Innovation Tours. Create a tour that visits business units from across the company. Start with secondary research that demonstrates subject matter knowledge. Draw on competitive examples. Offer to assist the business units in emulating some of the value that was shared. As time goes on, replace the competitive examples with internal examples, lessons learned, and accomplishments. At Hughes Aircraft, they created the Knowledge Highway project that initially shared research about learning organizations. Eventually, the program became a regular show-and-tell across the organization that covered practices and technologies used to capture and share lessons learned, discover expertise, and drive innovation.

Internal social channels. The best influencers meet people where they are. Discover all the channels that the target audience regularly frequent and engage through them with answers to questions and insights. Influencers need credibility that doesn’t just come from the role or title, so the best way to build credibility is to prove you know what you’re doing. Community engagement is the perfect vehicle for building credibility.

Incubators and Innovation Hubs. If IT wants to influence, such as how an organization develops key performance indicator dashboards, creating an incubator or innovation hub focused on that topic will not only demonstrate competency but will also create a forum for organizational learning where partners can both learn and contribute.

Adopt an IT Customer Relationship Management (CRM) Function. IT customer relationship managers can help amplify the voice of the customer, but most importantly, as IT resources embedded customers, the relationship manager can better understand the issues and needs being faced by the business units.

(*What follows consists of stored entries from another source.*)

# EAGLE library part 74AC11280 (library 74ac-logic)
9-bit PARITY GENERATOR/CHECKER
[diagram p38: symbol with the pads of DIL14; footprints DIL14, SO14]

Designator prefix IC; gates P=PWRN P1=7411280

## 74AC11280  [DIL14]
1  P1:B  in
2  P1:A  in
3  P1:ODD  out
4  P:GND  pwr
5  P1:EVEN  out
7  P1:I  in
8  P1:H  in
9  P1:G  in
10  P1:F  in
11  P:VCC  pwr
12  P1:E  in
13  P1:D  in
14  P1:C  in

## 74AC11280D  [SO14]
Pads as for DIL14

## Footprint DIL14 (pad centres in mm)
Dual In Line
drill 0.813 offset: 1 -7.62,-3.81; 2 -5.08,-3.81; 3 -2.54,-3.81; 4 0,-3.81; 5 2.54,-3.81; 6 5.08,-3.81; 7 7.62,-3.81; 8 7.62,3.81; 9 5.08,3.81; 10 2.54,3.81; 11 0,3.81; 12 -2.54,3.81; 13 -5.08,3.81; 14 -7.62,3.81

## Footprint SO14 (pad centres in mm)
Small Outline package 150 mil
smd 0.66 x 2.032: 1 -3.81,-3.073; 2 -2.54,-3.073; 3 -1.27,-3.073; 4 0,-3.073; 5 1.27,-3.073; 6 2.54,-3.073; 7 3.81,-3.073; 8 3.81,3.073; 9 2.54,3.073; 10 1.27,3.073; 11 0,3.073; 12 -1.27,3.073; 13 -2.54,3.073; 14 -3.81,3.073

Build and use scenarios. Scenario planning creates narratives about the future. Individual business units will likely not develop their own scenarios. IT can be very influential in how people think about the future and the tools they use to navigate uncertainty, by inviting partners to co-create scenarios.

Adopting other ideas and techniques like those listed below can also help influence the business to partner with IT, and respect and adopt their preferred approaches to IT-related work:

  • Run business solution hackathons
  • Encourage “intrapreneuring” for IT projects
  • Hold salons for feedback and reflection
  • Encourage the right balance between incentives and permissions
  • Work with business units to develop hypothesis-driven positions on technology investments
  • Invest in coaching and professional development
  • Nurture agile thinking and practice
  • Deploy innovation spaces, virtually and physically, as places where people can work together to solve problems and explore possibilities

Perhaps the most important element for meaningful influence is modeling behavior. Influence can evaporate quickly when trust and authenticity come into question. The best influencers model the behavior they advocate.

Becoming an Influencer

Becoming an influencer requires a purposeful act. Leaders with command-and-control backgrounds will need to reflect on how they approach their roles. Policies, assertions, and statements aren’t enough. Influencers must diligently engage with target audiences in order to demonstrate the value of their ideas. 

With so many sources available, often sources that conflict with each other, being heard and being respected, helps cut through the chatter to keep people focused on why certain actions and practices need consistency, a common perspective on quality, and shared practices. Those shared practices enable systems to scale, ensure cost-effective use of tools and technology, and the reduction of costly redundant systems and friction caused by incompatible approaches.

Becoming an influencer is a new way of being. Influencers must adopt a view of the business as an ecosystem with emergent configurations that require constant collaboration as they simultaneously deliver value and navigate change. Influencing means listening and learning as much as it does suggesting and demonstrating. The best influencers build alliances that boost their voices, creating a consensus perspective on what the organization needs to do to achieve its goals and objectives.